Of course there are limitations to this sort of arrangement as well. As the center of attention, the teacher might be mistaken for a Fountain of Truth or an Arbiter of All Opinion. Students may become, in some measure, dependent on the instructor for permission to speak and for approval of what has been said. It is always an odd situation when a student insists on addressing her or his comments to the instructor, when in actual fact he or she is responding to the comments of a fellow student. Complicating this is the possibility that shy or self-conscious students may be so uncomfortable with idea of becoming the center of attention that they may simply refuse to participate.

 In the CIC program, as it is currently designed, classes move between two rooms. One contains the centerpiece of the program: a twenty-three-station Local Area Network. The other classroom is fairly conventional in appearance; there are desks and a lectern. Sitting inconspicuously at the back of this room is also a networked computer terminal, an LCD panel, and a projector. Sitting at this terminal, in the midst of his or her class, the instructor is suddenly out of the picture. Although all the students' attention is still focused all on the same thing, at the same time, that "thing" is now the material being projected from computer to the screen at the front of the room. If it's a composition course, for example, the students and instructor can look together at a student writing sample. They can read and revise collectively and cooperatively. In this perhaps subtle but concrete way, students are encouraged to distinguish the medium from the messenger.

 In our other classroom, the LAN, there are even more possibilities for redirecting student attention. This is due, in part, to the classroom's physical design. Instead of being arranged to all face the "front" of the room, the students' computers are arranged to face each other, in three- or four-station pinwheel formations. The room provides no fixed place from which an instructor can command the attention of the class. This can be disconcerting for the uninitiated, as can the reduced access to marker boards. However, these are deliberate design features that help concentrate classroom activity online.

What advantages does online activity, in itself, offer? For starters, everyone can talk at the same time and still be heard. In Babel, our bulletin board program, students converse online, but not quite in real time. They type their questions or responses to the instructor or to fellow students, but only when they decide that they are finished do they "post" what they've written and make it public. Students can interact actively and BB discussions are always lively, although they still afford some "private space" in which students can compose their ideas before they make them public. The shy, the thoughtful, and anyone with misgivings about drawing attention to themselves tend to appreciate this, and the option for anonymity that BB offers. By allowing students to adopt pseudonyms, BB focuses attention solely on the written utterance; students become only what they say.

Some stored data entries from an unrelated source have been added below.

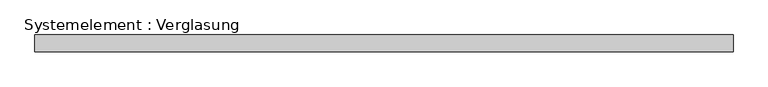
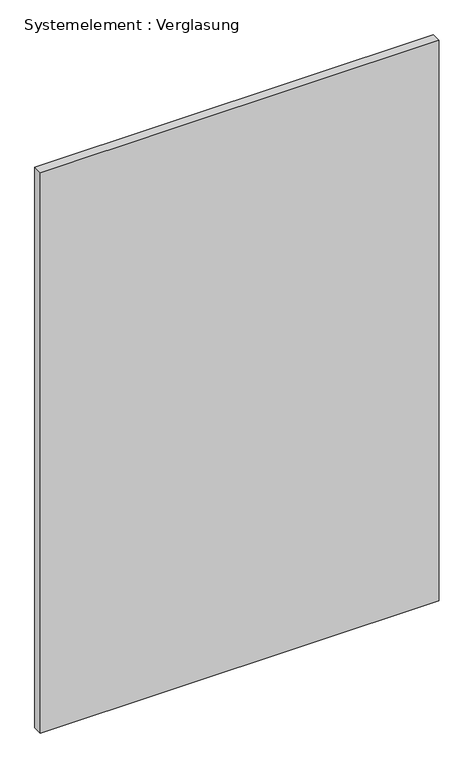
"""IFC4 building model written with IfcOpenShell, lengths in millimetres: plate geometry, Systemelement : Verglasung."""

import ifcopenshell
import ifcopenshell.guid

model = None  # the IFC model being written
_history = None  # IfcOwnerHistory: only IFC2X3 demands one
_inside = {}  # id of a spatial element -> (the spatial element, [elements in it])
_under = {}  # id of a project, library or spatial element -> (it, [spatial elements below it])
_declared = {}  # id of a project -> (the project, [libraries it declares])
_typed = {}  # id of a type object -> (the type object, [elements of that type])
_made_of = {}  # id of a material, layer set ... -> (it, [elements and type objects made of it])


def new_model(schema):
    """Start an empty IFC model of exactly this schema.

    Asked for "IFC4X3", IfcOpenShell would pick the latest addendum, in which some entities
    have other attributes; the version numbers below select the first issue.
    IFC2X3 requires an IfcOwnerHistory on every rooted entity: one is made here for all.
    """
    global model, _history
    if schema == "IFC4X3":
        model = ifcopenshell.file(schema_version=(4, 3, 0, 0))
    else:
        model = ifcopenshell.file(schema=schema)
    _inside.clear()
    _under.clear()
    _declared.clear()
    _typed.clear()
    _made_of.clear()
    _history = None
    if model.schema == "IFC2X3":
        org = make("IfcOrganization", Name="unknown")
        user = make(
            "IfcPersonAndOrganization",
            ThePerson=make("IfcPerson", FamilyName="unknown"),
            TheOrganization=org,
        )
        app = make(
            "IfcApplication",
            ApplicationDeveloper=org,
            Version="unknown",
            ApplicationFullName="unknown",
            ApplicationIdentifier="unknown",
        )
        _history = make(
            "IfcOwnerHistory",
            OwningUser=user,
            OwningApplication=app,
            ChangeAction="ADDED",
            CreationDate=0,
        )
    return model


def make(cls, **values):
    """One entity of the class cls with the attributes given. An attribute that is None is left unset."""
    return model.create_entity(
        cls, **{name: value for name, value in values.items() if value is not None}
    )


def rooted(cls, **values):
    """An entity with a GlobalId (a new one), such as an element, a storey or a relation."""
    return make(cls, GlobalId=ifcopenshell.guid.new(), OwnerHistory=_history, **values)


def si_unit(unit_type, name, prefix=None):
    """IfcSIUnit, for example si_unit("LENGTHUNIT", "METRE", prefix="MILLI")."""
    return make("IfcSIUnit", UnitType=unit_type, Prefix=prefix, Name=name)


def assignment(units):
    """IfcUnitAssignment: the units of a project."""
    return None if units is None else make("IfcUnitAssignment", Units=units)


def point(xyz):
    """IfcCartesianPoint."""
    return None if xyz is None else make("IfcCartesianPoint", Coordinates=xyz)


def direction(xyz):
    """IfcDirection."""
    return None if xyz is None else make("IfcDirection", DirectionRatios=xyz)


def frame(location, z_axis=None, x_axis=None):
    """IfcAxis2Placement3D, a coordinate frame: its origin and axes. An axis left out is left unset."""
    return make(
        "IfcAxis2Placement3D",
        Location=point(location),
        Axis=direction(z_axis),
        RefDirection=direction(x_axis),
    )


def origin():
    """The frame at (0, 0, 0) with its axes left unset."""
    return frame((0.0, 0.0, 0.0))


def origin_with_axes():
    """The frame at (0, 0, 0) with the z axis (0, 0, 1) and the x axis (1, 0, 0) written out."""
    return frame((0.0, 0.0, 0.0), z_axis=(0.0, 0.0, 1.0), x_axis=(1.0, 0.0, 0.0))


def place(relative_to, where):
    """IfcLocalPlacement: puts the frame where relative to a parent placement (None: the world)."""
    return make(
        "IfcLocalPlacement", PlacementRelTo=relative_to, RelativePlacement=where
    )


def context(
    kind, dimensions, precision=None, world=None, true_north=None, identifier=None
):
    """IfcGeometricRepresentationContext, for example the 3D "Model" context."""
    return make(
        "IfcGeometricRepresentationContext",
        ContextIdentifier=identifier,
        ContextType=kind,
        CoordinateSpaceDimension=dimensions,
        Precision=precision,
        WorldCoordinateSystem=world,
        TrueNorth=true_north,
    )


def project(units=None, contexts=None):
    """IfcProject with its units and contexts."""
    return rooted(
        "IfcProject",
        Name="project",
        RepresentationContexts=contexts,
        UnitsInContext=assignment(units),
    )


def spatial(cls, under=None, at=None, **own):
    """A site, building, storey or space (cls), placed at a placement, below another one or the project."""
    s = rooted(cls, ObjectPlacement=at, **own)
    if under is not None:
        _under.setdefault(under.id(), (under, []))[1].append(s)
    return s


def polyline(points):
    """IfcPolyline through the points."""
    return make("IfcPolyline", Points=[point(p) for p in points])


def outline(outer, holes=None, kind="AREA"):
    """IfcArbitraryClosedProfileDef: a profile drawn as a closed curve; with holes, ...WithVoids."""
    if holes is None:
        return make("IfcArbitraryClosedProfileDef", ProfileType=kind, OuterCurve=outer)
    return make(
        "IfcArbitraryProfileDefWithVoids",
        ProfileType=kind,
        OuterCurve=outer,
        InnerCurves=holes,
    )


def extrude(swept, where, along, depth):
    """IfcExtrudedAreaSolid: the profile swept, set in the frame where, extruded along a direction by depth."""
    return make(
        "IfcExtrudedAreaSolid",
        SweptArea=swept,
        Position=where,
        ExtrudedDirection=direction(along),
        Depth=depth,
    )


def shape(context_of_items, identifier, shape_type, items):
    """IfcShapeRepresentation: the items that make up one representation, for example the "Body"."""
    return make(
        "IfcShapeRepresentation",
        ContextOfItems=context_of_items,
        RepresentationIdentifier=identifier,
        RepresentationType=shape_type,
        Items=items,
    )


def source(mapping_origin, context_of_items, identifier, shape_type, items):
    """IfcRepresentationMap: a shape defined once, which mapped items show again and again."""
    return make(
        "IfcRepresentationMap",
        MappingOrigin=mapping_origin,
        MappedRepresentation=shape(context_of_items, identifier, shape_type, items),
    )


def transform(
    local_origin,
    x_axis=None,
    y_axis=None,
    z_axis=None,
    scale=None,
    scale2=None,
    scale3=None,
    uniform=True,
):
    """IfcCartesianTransformationOperator3D, or its non-uniform kind. x_axis, y_axis, z_axis: its Axis1, 2, 3."""
    if uniform:
        return make(
            "IfcCartesianTransformationOperator3D",
            Axis1=direction(x_axis),
            Axis2=direction(y_axis),
            LocalOrigin=point(local_origin),
            Scale=scale,
            Axis3=direction(z_axis),
        )
    return make(
        "IfcCartesianTransformationOperator3DnonUniform",
        Axis1=direction(x_axis),
        Axis2=direction(y_axis),
        LocalOrigin=point(local_origin),
        Scale=scale,
        Axis3=direction(z_axis),
        Scale2=scale2,
        Scale3=scale3,
    )


def mapped(mapping_source, mapping_target):
    """IfcMappedItem: shows the shape of a source again, moved by a transform."""
    return make(
        "IfcMappedItem", MappingSource=mapping_source, MappingTarget=mapping_target
    )


def made_of(thing, what):
    """Note that an element or type object is made of a material, layer set ...; save() writes the relation."""
    if what is not None:
        _made_of.setdefault(what.id(), (what, []))[1].append(thing)
    return thing


def element(
    cls,
    number,
    at=None,
    inside=None,
    cuts=None,
    type_object=None,
    material=None,
    context=None,
    identifier="Body",
    shape_type=None,
    held_by="IfcProductDefinitionShape",
    body=None,
    shapes=None,
    **own,
):
    """One element of the class cls, such as IfcWall. Its Tag is "e" and its number.

    at: its placement. inside: the storey or other place that contains it. cuts: it is an
    opening in that element (IfcRelVoidsElement). A single representation is given by context,
    identifier, shape_type and body (its items); several are given by shapes. held_by: the class
    of the entity that holds the representations. save() writes the other relations.
    """
    e = rooted(cls, Tag="e%d" % number, ObjectPlacement=at, **own)
    if body is not None:
        shapes = [shape(context, identifier, shape_type, body)]
    if shapes is not None:
        e.Representation = make(held_by, Representations=shapes)
    if inside is not None:
        _inside.setdefault(inside.id(), (inside, []))[1].append(e)
    if cuts is not None:
        rooted(
            "IfcRelVoidsElement", RelatingBuildingElement=cuts, RelatedOpeningElement=e
        )
    if type_object is not None:
        _typed.setdefault(type_object.id(), (type_object, []))[1].append(e)
    return made_of(e, material)


def aggregate(whole, parts):
    """IfcRelAggregates: a whole, such as a stair, and the parts it consists of."""
    return rooted("IfcRelAggregates", RelatingObject=whole, RelatedObjects=parts)


def save(model, path):
    """Write the relations noted so far, then the file.

    IfcRelAggregates (storeys below a building ...), IfcRelContainedInSpatialStructure (elements
    in a storey), IfcRelDefinesByType, IfcRelAssociatesMaterial and IfcRelDeclares: one each for
    every whole, place, type object, material and project.
    """
    for whole, parts in _under.values():
        aggregate(whole, parts)
    for where, things in _inside.values():
        rooted(
            "IfcRelContainedInSpatialStructure",
            RelatedElements=things,
            RelatingStructure=where,
        )
    for kind, things in _typed.values():
        rooted("IfcRelDefinesByType", RelatedObjects=things, RelatingType=kind)
    for what, things in _made_of.values():
        rooted("IfcRelAssociatesMaterial", RelatedObjects=things, RelatingMaterial=what)
    for by, libraries in _declared.values():
        rooted("IfcRelDeclares", RelatingContext=by, RelatedDefinitions=libraries)
    model.write(path)


def systemelement_verglasung_4c82009f(model_context):
    return source(origin(), model_context, "Body", "SweptSolid", [
        extrude(outline(polyline([(625.0000002, -15.0), (-625.0000002, -15.0), (-625.0000002, 15.0), (625.0000002, 15.0), (625.0000002, -15.0)])), origin_with_axes(), (0.0, 0.0, 1.0), 1856.6788019),
    ])


if __name__ == "__main__":
    model = new_model("IFC4")
    model_context = context("Model", 3, world=origin())
    ifc_project = project(units=[si_unit("LENGTHUNIT", "METRE", prefix="MILLI")], contexts=[model_context])
    site = spatial("IfcSite", under=ifc_project)
    building = spatial("IfcBuilding", under=site)
    placement = place(None, origin())
    systemelement_verglasung_shape = systemelement_verglasung_4c82009f(model_context)
    element("IfcPlate", 1, ObjectType="Systemelement : Verglasung", at=placement, inside=building, context=model_context, shape_type="MappedRepresentation", body=[
        mapped(systemelement_verglasung_shape, transform((0.0, 0.0, 0.0), x_axis=(1.0, 0.0, 0.0), y_axis=(0.0, 1.0, 0.0), z_axis=(0.0, 0.0, 1.0))),
    ])
    save(model, "model.ifc")

# Revit data of these elements
# Type "Systemelement : Verglasung"
#   Construction Type Id = "GSP4R"
#   Analytic Construction = "1/8 Zoll Pilkington-Verglasung einfach"
#   Visual Light Transmittance = 0.9
#   Solar Heat Gain Coefficient = 0.86
#   Heat Transfer Coefficient (U) = 6.7069 W/(m²·K)
# Element 1 (IfcPlate, "Systemelement : Verglasung")
#   Materials on its faces: "Glas"
# Materials
#   "Glas": class "Glas", colour RGB 0 0 255, transparency 0.75, Comments = "Render-Darstellung nicht aktualisiert ", Cost = 0

 In the LAN it is also possible to disperse altogether the focus of your class but still keep students engaged. Students can work independently or in groups, at online exercises prepared by the instructor, on essay assignments, at critiquing one another's work, doing online library research, or on the Internet. Though it is at least theoretically possible for students to work independently in the conventional classroom, the greater range of options in the CIC classroom makes independent work more purposeful and productive.